Affuble de carottes pour faire la fête! Photo Skopia Films

Un film totalement sensoriel

C’est par les images et le son que Skolimowski pallie l’absence de parole. Film totalement sensoriel, donc d’une facture différente de toute autre production. Les éclairages, le soin apporté aux cadrages parfois acrobatiques, la somptuosité de lieux de nature ou de culture, comme ce barrage incroyable, le recours aux drones pour filmer zénithalement, nous emmènent dans un cinéma inhabituel. Avec quelques prouesses visuelles pour nous forcer à vivre ce que voient nos yeux. Renforcé par un travail sonore souvent basé sur les bruits d’EO, sa respiration, son trot. On se retrouve vraiment à sa place tout en restant autre. Seule psychologie introduite, la douceur infinie d’une caresse de sa maitresse, au cirque. Souvenir qui l’aide dans les pires situations. Coup de génie du réalisateur, que de nous faire entrer dans les souvenirs d’un âne!
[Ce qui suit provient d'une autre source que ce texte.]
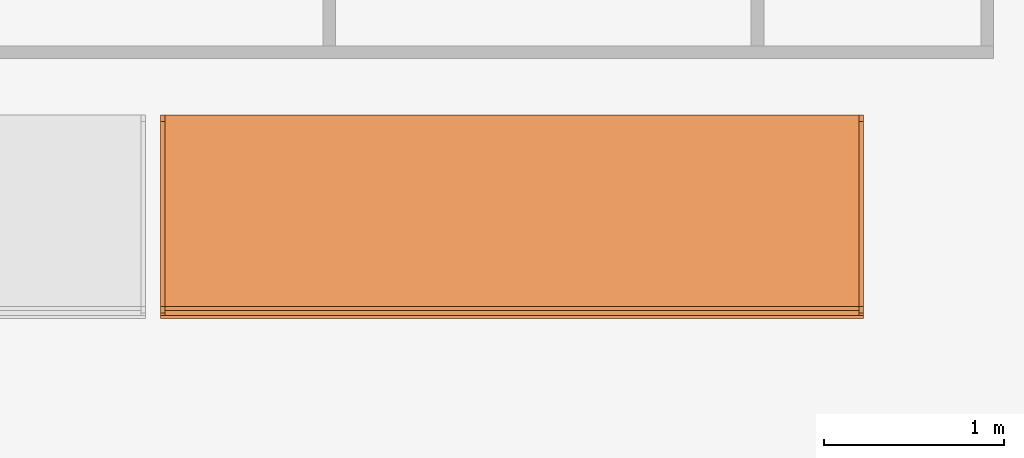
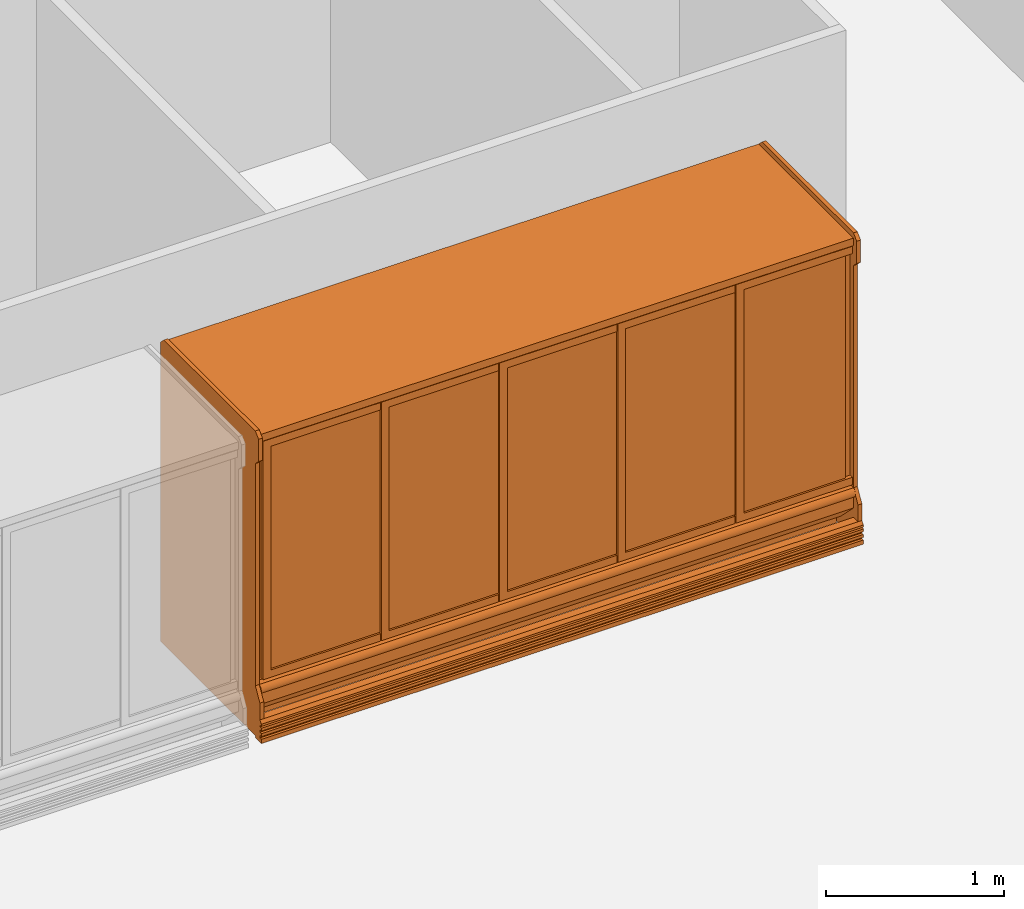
# One storey, part 11 of 11: 1 proxy.
"""IFC2X3 building model written with IfcOpenShell, lengths in metres."""

from ifc_helpers import new_model, entity, si_unit, converted_unit, derived_unit, direction, frame, frame_2d, origin, origin_2d_with_axis, place, context, subcontext, project, spatial, polyline, circle_curve, parameter, trimmed, segment, composite_curve, rectangle, outline, extrude, source, transform, mapped, material, material_list, type_object, type_shapes, element, save


model = new_model("IFC2X3")

# Units and contexts
model_context = context("Model", 3, precision=1e-05, world=origin(), true_north=direction((6.12303176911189e-17, 1.0)))
body_context = subcontext(model_context, "Body", "Model", "MODEL_VIEW")
ifc_project = project(units=[si_unit("LENGTHUNIT", "METRE"), si_unit("AREAUNIT", "SQUARE_METRE"), si_unit("VOLUMEUNIT", "CUBIC_METRE"), converted_unit("PLANEANGLEUNIT", "DEGREE", entity("IfcRatioMeasure", 0.0174532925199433), si_unit("PLANEANGLEUNIT", "RADIAN"), dimensions=[0, 0, 0, 0, 0, 0, 0]), si_unit("MASSUNIT", "GRAM", prefix="KILO"), derived_unit("MASSDENSITYUNIT", [(si_unit("MASSUNIT", "GRAM", prefix="KILO"), 1), (si_unit("LENGTHUNIT", "METRE"), -3)]), si_unit("TIMEUNIT", "SECOND"), si_unit("FREQUENCYUNIT", "HERTZ"), si_unit("THERMODYNAMICTEMPERATUREUNIT", "DEGREE_CELSIUS"), derived_unit("THERMALTRANSMITTANCEUNIT", [(si_unit("MASSUNIT", "GRAM", prefix="KILO"), 1), (si_unit("THERMODYNAMICTEMPERATUREUNIT", "KELVIN"), -1), (si_unit("TIMEUNIT", "SECOND"), -3)]), derived_unit("VOLUMETRICFLOWRATEUNIT", [(si_unit("LENGTHUNIT", "METRE"), 3), (si_unit("TIMEUNIT", "SECOND"), -1)]), si_unit("ELECTRICCURRENTUNIT", "AMPERE"), si_unit("ELECTRICVOLTAGEUNIT", "VOLT"), si_unit("POWERUNIT", "WATT"), si_unit("FORCEUNIT", "NEWTON", prefix="KILO"), si_unit("ILLUMINANCEUNIT", "LUX"), si_unit("LUMINOUSFLUXUNIT", "LUMEN"), si_unit("LUMINOUSINTENSITYUNIT", "CANDELA"), derived_unit("USERDEFINED", [(si_unit("MASSUNIT", "GRAM", prefix="KILO"), -1), (si_unit("LENGTHUNIT", "METRE"), -2), (si_unit("TIMEUNIT", "SECOND"), 3), (si_unit("LUMINOUSFLUXUNIT", "LUMEN"), 1)]), derived_unit("LINEARVELOCITYUNIT", [(si_unit("LENGTHUNIT", "METRE"), 1), (si_unit("TIMEUNIT", "SECOND"), -1)]), si_unit("PRESSUREUNIT", "PASCAL"), derived_unit("USERDEFINED", [(si_unit("LENGTHUNIT", "METRE"), -2), (si_unit("MASSUNIT", "GRAM", prefix="KILO"), 1), (si_unit("TIMEUNIT", "SECOND"), -2)])], contexts=[model_context])

# Site, building, storey
site_placement = place(None, origin())
site = spatial("IfcSite", under=ifc_project, at=site_placement, Name="Default", CompositionType="ELEMENT")
building_placement = place(site_placement, origin())
building = spatial("IfcBuilding", under=site, at=building_placement, CompositionType="ELEMENT")
storey_placement = place(building_placement, frame((0.0, 0.0, 1.49233632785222)))
storey = spatial("IfcBuildingStorey", under=building, at=storey_placement, Name="Niveau 0", CompositionType="ELEMENT", Elevation=1.49233632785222)

# Proxy
ifc_material_1 = material(Name="Métal - Chrome")
ifc_material_2 = material(Name="Verre")
ifc_material_3 = material(Name="Peinture - Blanc")
ifc_material_4 = material(Name="Peinture - Gris foncé")
ifc_material_list_1 = material_list([ifc_material_1, ifc_material_2, ifc_material_3, ifc_material_4])
ifc_material_list_2 = material_list([ifc_material_1, ifc_material_2, ifc_material_3, ifc_material_4])
building_element_proxy_type = type_object("IfcBuildingElementProxyType", Name="Longueur 3910 mm", PredefinedType="NOTDEFINED", material=ifc_material_list_2)
shared_shape = source(origin(), body_context, "Body", "SweptSolid", [
    extrude(outline(polyline([(-0.3937, -0.819150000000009), (0.3683, -0.819150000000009), (0.3683, -0.768350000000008), (-0.3429, -0.768350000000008), (-0.3429, 0.768350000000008), (0.3683, 0.768350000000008), (0.3683, 0.819150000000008), (-0.3937, 0.819150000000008), (-0.3937, -0.819150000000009)])), frame((0.211931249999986, 0.0126999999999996, 1.18745000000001), z_axis=(0.0, 1.0, 0.0), x_axis=(1.0, 0.0, 0.0)), (0.0, 0.0, 1.0), 0.0253999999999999),
    extrude(outline(polyline([(-0.3937, -0.819150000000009), (0.3683, -0.819150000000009), (0.3683, -0.768350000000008), (-0.3429, -0.768350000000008), (-0.3429, 0.768350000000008), (0.3683, 0.768350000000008), (0.3683, 0.819150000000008), (-0.3937, 0.819150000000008), (-0.3937, -0.819150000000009)])), frame((-0.556418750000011, 0.0126999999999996, 1.18745000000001), z_axis=(0.0, 1.0, 0.0), x_axis=(1.0, 0.0, 0.0)), (0.0, 0.0, 1.0), 0.0253999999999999),
    extrude(outline(polyline([(-0.3937, -0.819150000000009), (0.3683, -0.819150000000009), (0.3683, -0.768350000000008), (-0.3429, -0.768350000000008), (-0.3429, 0.768350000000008), (0.3683, 0.768350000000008), (0.3683, 0.819150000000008), (-0.3937, 0.819150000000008), (-0.3937, -0.819150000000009)])), frame((-1.32476875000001, 0.0126999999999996, 1.18745000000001), z_axis=(0.0, 1.0, 0.0), x_axis=(1.0, 0.0, 0.0)), (0.0, 0.0, 1.0), 0.0253999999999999),
    extrude(outline(polyline([(-0.3937, -0.819150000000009), (0.3683, -0.819150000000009), (0.3683, -0.768350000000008), (-0.3429, -0.768350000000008), (-0.3429, 0.768350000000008), (0.3683, 0.768350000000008), (0.3683, 0.819150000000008), (-0.3937, 0.819150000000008), (-0.3937, -0.819150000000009)])), frame((-2.09311875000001, 0.0126999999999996, 1.18745000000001), z_axis=(0.0, 1.0, 0.0), x_axis=(1.0, 0.0, 0.0)), (0.0, 0.0, 1.0), 0.0253999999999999),
    extrude(outline(polyline([(-0.902820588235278, -0.201945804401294), (-0.902820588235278, -0.214645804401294), (0.82437941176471, -0.214645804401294), (0.82437941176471, -0.201945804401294), (0.608479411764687, -0.201945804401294), (0.608479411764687, -0.0898341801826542), (0.589429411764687, -0.070784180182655), (0.589429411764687, 0.303324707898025), (0.570379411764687, 0.312207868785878), (0.570379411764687, -0.201945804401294), (0.316379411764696, -0.201945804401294), (0.316379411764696, -0.0851023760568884), (0.297329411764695, -0.0660523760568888), (0.297329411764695, 0.303324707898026), (0.278279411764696, 0.312207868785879), (0.278279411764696, -0.201945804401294), (0.0242794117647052, -0.201945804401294), (0.0242794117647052, -0.0803705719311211), (0.00522941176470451, -0.0613205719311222), (0.00522941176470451, 0.391796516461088), (-0.0138205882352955, 0.40067967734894), (-0.0138205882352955, -0.201945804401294), (-0.267820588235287, -0.201945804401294), (-0.267820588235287, -0.0851023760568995), (-0.286870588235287, -0.0660523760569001), (-0.286870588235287, 0.391796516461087), (-0.305920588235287, 0.400679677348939), (-0.305920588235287, -0.201945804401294), (-0.559920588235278, -0.201945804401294), (-0.559920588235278, -0.0803705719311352), (-0.578970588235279, -0.0613205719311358), (-0.578970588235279, 0.387979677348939), (-0.598020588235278, 0.394954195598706), (-0.598020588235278, -0.201945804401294), (-0.902820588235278, -0.201945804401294)])), frame((-2.10542815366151, 0.69975419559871, 1.12917941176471), z_axis=(-1.0, 0.0, 0.0), x_axis=(0.0, 0.0, -1.0)), (0.0, 0.0, -1.0), 0.0119188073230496),
    extrude(outline(polyline([(-0.902820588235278, -0.201945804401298), (-0.902820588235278, -0.214645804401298), (0.82437941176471, -0.214645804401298), (0.82437941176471, -0.201945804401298), (0.608479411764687, -0.201945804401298), (0.608479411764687, -0.089834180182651), (0.589429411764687, -0.0707841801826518), (0.589429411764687, 0.303324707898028), (0.570379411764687, 0.312207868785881), (0.570379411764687, -0.201945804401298), (0.316379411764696, -0.201945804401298), (0.316379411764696, -0.0851023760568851), (0.297329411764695, -0.0660523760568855), (0.297329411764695, 0.303324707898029), (0.278279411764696, 0.312207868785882), (0.278279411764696, -0.201945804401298), (0.0242794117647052, -0.201945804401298), (0.0242794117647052, -0.0803705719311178), (0.00522941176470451, -0.0613205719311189), (0.00522941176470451, 0.391796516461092), (-0.0138205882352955, 0.400679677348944), (-0.0138205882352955, -0.201945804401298), (-0.267820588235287, -0.201945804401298), (-0.267820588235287, -0.0851023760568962), (-0.286870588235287, -0.0660523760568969), (-0.286870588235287, 0.39179651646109), (-0.305920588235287, 0.400679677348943), (-0.305920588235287, -0.201945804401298), (-0.559920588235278, -0.201945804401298), (-0.559920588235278, -0.0803705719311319), (-0.578970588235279, -0.0613205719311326), (-0.578970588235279, 0.387979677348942), (-0.598020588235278, 0.394954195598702), (-0.598020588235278, -0.201945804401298), (-0.902820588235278, -0.201945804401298)])), frame((-0.556028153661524, 0.699754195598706, 1.12917941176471), z_axis=(-1.0, 0.0, 0.0), x_axis=(0.0, 0.0, -1.0)), (0.0, 0.0, -1.0), 0.0119188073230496),
    extrude(outline(polyline([(-0.3937, -0.819150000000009), (0.3683, -0.819150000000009), (0.3683, -0.768350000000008), (-0.3429, -0.768350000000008), (-0.3429, 0.768350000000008), (0.3683, 0.768350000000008), (0.3683, 0.819150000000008), (-0.3937, 0.819150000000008), (-0.3937, -0.819150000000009)])), frame((-2.86146875, 0.0126999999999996, 1.18745000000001), z_axis=(0.0, 1.0, 0.0), x_axis=(1.0, 0.0, 0.0)), (0.0, 0.0, 1.0), 0.0253999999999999),
    extrude(rectangle(XDim=0.00634999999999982, YDim=2.20345000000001, at=frame_2d((-2.16840434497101e-18, 0.0), x_axis=(1.0, 0.0))), frame((-0.565943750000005, 0.0285749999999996, 0.419100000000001), z_axis=(0.0, 0.0, 1.0), x_axis=(0.0, 1.0, 0.0)), (0.0, 0.0, 1.0), 1.53670000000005),
    extrude(rectangle(XDim=0.00634999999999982, YDim=1.49224999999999, at=frame_2d((-2.16840434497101e-18, -1.11022302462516e-16), x_axis=(1.0, 0.0))), frame((-2.46459375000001, 0.0285749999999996, 0.4191), z_axis=(0.0, 0.0, 1.0), x_axis=(0.0, 1.0, 0.0)), (0.0, 0.0, 1.0), 1.53669999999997),
    extrude(outline(polyline([(-0.88265, -1.9304), (0.882649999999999, -1.9304), (0.88265, 1.9304), (-0.882649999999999, 1.9304), (-0.88265, -1.9304)]), holes=[polyline([(-0.806450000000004, -0.0190500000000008), (-0.806450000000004, 1.8923), (0.80645, 1.8923), (0.80645, -0.0190500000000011), (0.806449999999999, -1.8923), (-0.806450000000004, -1.8923), (-0.806450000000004, -0.0190500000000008)])]), frame((-1.35651875, 0.0380999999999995, 1.18745), z_axis=(0.0, 1.0, 0.0), x_axis=(0.0, 0.0, -1.0)), (0.0, 0.0, 1.0), 0.0381),
    extrude(outline(composite_curve([segment(trimmed(circle_curve(frame_2d((-0.0095885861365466, 0.0), x_axis=(1.0, 0.0)), 0.0327139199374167), [parameter(287.043889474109)], [parameter(72.9561105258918)], True, "PARAMETER"), True, "CONTINUOUS"), segment(polyline([(0.0, 0.0312771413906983), (0.0, -0.0312771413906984)]), True, "CONTINUOUS")], self_intersect=False)), frame((-3.28691875, 0.0, 0.324322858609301), z_axis=(1.0, 0.0, 0.0), x_axis=(0.0, -1.0, 0.0)), (0.0, 0.0, 1.0), 3.8608),
    extrude(outline(polyline([(-0.058322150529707, -0.045007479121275), (-0.0317412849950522, -0.045007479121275), (-0.0206789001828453, -0.0360006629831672), (-0.0312750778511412, -0.0229861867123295), (-0.0214265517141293, -0.0149676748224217), (-0.0108303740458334, -0.0279821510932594), (0.00394241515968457, -0.0159543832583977), (-0.00665376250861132, -0.00293990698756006), (0.00811902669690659, 0.0090878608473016), (0.0187152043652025, -0.00392661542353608), (0.0334879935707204, 0.00810115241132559), (0.0228918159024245, 0.0211156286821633), (0.0376646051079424, 0.0331433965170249), (0.0482607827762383, 0.0201289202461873), (0.0704563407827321, 0.0382001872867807), (0.0277861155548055, 0.0906087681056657), (-0.0903961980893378, -0.00561337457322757), (-0.058322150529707, -0.045007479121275)])), frame((-3.31231875, -0.052721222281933, 0.0787558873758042), z_axis=(1.0, 0.0, 0.0), x_axis=(0.0, -0.631378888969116, -0.775474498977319)), (0.0, 0.0, 1.0), 3.9116),
    extrude(outline(polyline([(-0.78162589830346, -1.01392662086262), (0.249253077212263, -1.01392662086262), (0.285174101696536, -0.978005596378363), (0.285174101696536, -0.825605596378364), (0.249253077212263, -0.789684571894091), (0.249253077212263, 0.736494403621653), (0.300053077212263, 0.824482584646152), (0.300053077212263, 0.939694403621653), (0.249253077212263, 0.939694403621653), (0.249253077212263, 1.07939440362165), (-0.817546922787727, 1.07939440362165), (-0.817546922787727, -0.978005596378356), (-0.78162589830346, -1.01392662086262)])), frame((0.573881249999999, 0.249253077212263, 1.09209440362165), z_axis=(1.0, 0.0, 0.0), x_axis=(0.0, -1.0, 0.0)), (0.0, 0.0, 1.0), 0.0253999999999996),
    extrude(outline(polyline([(-0.78162589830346, -1.01392662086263), (0.249253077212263, -1.01392662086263), (0.285174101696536, -0.97800559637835), (0.285174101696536, -0.825605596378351), (0.249253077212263, -0.789684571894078), (0.249253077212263, 0.736494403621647), (0.300053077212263, 0.824482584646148), (0.300053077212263, 0.939694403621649), (0.249253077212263, 0.939694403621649), (0.249253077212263, 1.07939440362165), (-0.817546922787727, 1.07939440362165), (-0.817546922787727, -0.97800559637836), (-0.78162589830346, -1.01392662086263)])), frame((-3.31231875, 0.249253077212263, 1.09209440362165), z_axis=(1.0, 0.0, 0.0), x_axis=(0.0, -1.0, 0.0)), (0.0, 0.0, 1.0), 0.0253999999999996),
    extrude(rectangle(XDim=3.8354, YDim=0.6096, at=origin_2d_with_axis()), frame((-1.35651875, 0.596900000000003, 0.558800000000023)), (0.0, 0.0, 1.0), 0.009525),
    extrude(rectangle(XDim=3.8354, YDim=0.6096, at=origin_2d_with_axis()), frame((-1.35651875, 0.596900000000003, 1.72719999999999)), (0.0, 0.0, 1.0), 0.009525),
    extrude(rectangle(XDim=3.8354, YDim=0.6096, at=origin_2d_with_axis()), frame((-1.35651875, 0.596900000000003, 1.4351)), (0.0, 0.0, 1.0), 0.009525),
    extrude(rectangle(XDim=3.8354, YDim=0.6096, at=frame_2d((0.0, -5.55111512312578e-17), x_axis=(1.0, 0.0))), frame((-1.35651875, 0.596900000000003, 1.14300000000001)), (0.0, 0.0, 1.0), 0.009525),
    extrude(rectangle(XDim=3.8354, YDim=0.6096, at=frame_2d((0.0, -5.55111512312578e-17), x_axis=(1.0, 0.0))), frame((-1.35651875, 0.596900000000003, 0.850900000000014)), (0.0, 0.0, 1.0), 0.009525),
    extrude(outline(polyline([(-0.902820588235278, -0.198746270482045), (-0.902820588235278, -0.211446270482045), (0.82437941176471, -0.211446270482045), (0.82437941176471, -0.198746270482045), (0.608479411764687, -0.198746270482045), (0.608479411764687, -0.0923601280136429), (0.589429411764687, -0.0733101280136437), (0.589429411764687, 0.300798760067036), (0.570379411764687, 0.309681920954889), (0.570379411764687, -0.198746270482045), (0.316379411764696, -0.198746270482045), (0.316379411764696, -0.0876283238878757), (0.297329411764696, -0.0685783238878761), (0.297329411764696, 0.300798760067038), (0.278279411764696, 0.309681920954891), (0.278279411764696, -0.198746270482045), (0.0242794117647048, -0.198746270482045), (0.0242794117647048, -0.082896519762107), (0.0052294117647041, -0.0638465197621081), (0.0052294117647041, 0.389270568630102), (-0.0138205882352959, 0.398153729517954), (-0.0138205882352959, -0.198746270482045), (-0.267820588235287, -0.198746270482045), (-0.267820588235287, -0.0876283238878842), (-0.286870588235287, -0.0685783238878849), (-0.286870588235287, 0.389270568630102), (-0.305920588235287, 0.398153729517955), (-0.305920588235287, -0.198746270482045), (-0.559920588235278, -0.198746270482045), (-0.559920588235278, -0.0828965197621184), (-0.578970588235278, -0.0638465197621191), (-0.578970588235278, 0.385453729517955), (-0.598020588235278, 0.398153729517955), (-0.598020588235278, -0.198746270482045), (-0.902820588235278, -0.198746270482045)])), frame((-1.36247815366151, 0.702953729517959, 1.12917941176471), z_axis=(-1.0, 0.0, 0.0), x_axis=(0.0, 0.0, -1.0)), (0.0, 0.0, -1.0), 0.0119188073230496),
    extrude(outline(polyline([(-0.902820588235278, -0.198746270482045), (-0.902820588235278, -0.211446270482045), (0.82437941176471, -0.211446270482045), (0.82437941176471, -0.198746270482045), (0.608479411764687, -0.198746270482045), (0.608479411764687, -0.0923601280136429), (0.589429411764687, -0.0733101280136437), (0.589429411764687, 0.300798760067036), (0.570379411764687, 0.309681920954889), (0.570379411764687, -0.198746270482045), (0.316379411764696, -0.198746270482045), (0.316379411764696, -0.0876283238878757), (0.297329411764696, -0.0685783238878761), (0.297329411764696, 0.300798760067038), (0.278279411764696, 0.309681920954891), (0.278279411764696, -0.198746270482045), (0.0242794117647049, -0.198746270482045), (0.0242794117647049, -0.082896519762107), (0.00522941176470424, -0.0638465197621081), (0.00522941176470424, 0.389270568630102), (-0.0138205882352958, 0.398153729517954), (-0.0138205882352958, -0.198746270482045), (-0.267820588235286, -0.198746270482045), (-0.267820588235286, -0.0876283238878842), (-0.286870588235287, -0.0685783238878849), (-0.286870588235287, 0.389270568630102), (-0.305920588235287, 0.398153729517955), (-0.305920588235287, -0.198746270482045), (-0.559920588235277, -0.198746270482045), (-0.559920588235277, -0.0828965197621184), (-0.578970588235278, -0.0638465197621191), (-0.578970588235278, 0.385453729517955), (-0.598020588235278, 0.398153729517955), (-0.598020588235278, -0.198746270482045), (-0.902820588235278, -0.198746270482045)])), frame((0.548481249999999, 0.702953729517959, 1.12917941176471), z_axis=(-1.0, 0.0, 0.0), x_axis=(0.0, 0.0, -1.0)), (0.0, 0.0, -1.0), 0.0126999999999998),
    extrude(outline(polyline([(-0.902820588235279, -0.198746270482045), (-0.902820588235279, -0.211446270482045), (0.824379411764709, -0.211446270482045), (0.824379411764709, -0.198746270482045), (0.608479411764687, -0.198746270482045), (0.608479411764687, -0.0923601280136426), (0.589429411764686, -0.0733101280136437), (0.589429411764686, 0.300798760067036), (0.570379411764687, 0.309681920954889), (0.570379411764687, -0.198746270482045), (0.316379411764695, -0.198746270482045), (0.316379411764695, -0.0876283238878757), (0.297329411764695, -0.0685783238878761), (0.297329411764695, 0.300798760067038), (0.278279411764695, 0.309681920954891), (0.278279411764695, -0.198746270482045), (0.0242794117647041, -0.198746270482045), (0.0242794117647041, -0.082896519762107), (0.00522941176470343, -0.0638465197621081), (0.00522941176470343, 0.389270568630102), (-0.0138205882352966, 0.398153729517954), (-0.0138205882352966, -0.198746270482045), (-0.267820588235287, -0.198746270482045), (-0.267820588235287, -0.0876283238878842), (-0.286870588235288, -0.0685783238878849), (-0.286870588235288, 0.389270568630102), (-0.305920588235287, 0.398153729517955), (-0.305920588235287, -0.198746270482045), (-0.559920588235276, -0.198746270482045), (-0.559920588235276, -0.0828965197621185), (-0.578970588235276, -0.0638465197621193), (-0.578970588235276, 0.385453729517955), (-0.598020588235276, 0.398153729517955), (-0.598020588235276, -0.198746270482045), (-0.902820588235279, -0.198746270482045)])), frame((-3.27421875, 0.702953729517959, 1.12917941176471), z_axis=(-1.0, 0.0, 0.0), x_axis=(0.0, 0.0, -1.0)), (0.0, 0.0, -1.0), 0.0127000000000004),
    extrude(outline(polyline([(-0.99836485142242, -0.344904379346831), (-0.947564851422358, -0.344904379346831), (-0.947564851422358, -0.192504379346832), (-0.960264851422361, -0.192504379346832), (-0.960264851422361, 0.569495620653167), (0.766935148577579, 0.569495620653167), (0.766935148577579, -0.306804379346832), (0.716135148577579, -0.306804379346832), (0.716135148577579, -0.344904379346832), (0.855178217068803, -0.344904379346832), (0.995535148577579, -0.204547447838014), (0.995535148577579, 0.721895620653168), (-0.99836485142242, 0.721895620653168), (-0.99836485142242, -0.344904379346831)])), frame((-3.28691875, 0.344904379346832, 1.07173514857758), z_axis=(1.0, 0.0, 0.0), x_axis=(0.0, 0.0, -1.0)), (0.0, 0.0, 1.0), 3.8608),
    extrude(rectangle(XDim=3.8608, YDim=0.85725, at=frame_2d((-3.33066907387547e-16, -5.55111512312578e-17), x_axis=(1.0, 0.0))), frame((-1.35651875, 0.619125, 0.0), z_axis=(0.0, 0.0, 1.0), x_axis=(-1.0, 0.0, 0.0)), (0.0, 0.0, 1.0), 0.0762),
])
type_shapes(building_element_proxy_type, [shared_shape])
proxy_placement = place(storey_placement, frame((30.544998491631, -1.06468697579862, 0.0)))
element("IfcBuildingElementProxy", 1, at=proxy_placement, inside=storey, type_object=building_element_proxy_type, material=ifc_material_list_1, Name="Congélateur - Vertical cinq portes:Longueur 3910 mm", ObjectType="Congélateur - Vertical cinq portes:Longueur 3910 mm", context=body_context, shape_type="MappedRepresentation", body=[
    mapped(shared_shape, transform((0.0, 0.0, 0.0), scale=1.0)),
])

save(model, "model.ifc")

Ce travail de cinéma est absolument magnifique. Ce qu’on pouvait croire être une fausse bonne idée, voir le monde au ciné par les yeux d’un âne, se révèle une excellente entreprise, parce que Jerzy Skolimowski en a les moyens artistiques. Profond témoignage sur l’état du monde et de l’humanité, ce film, loin de tout cliché militant, a une puissance considérable par sa maîtrise et son originalité.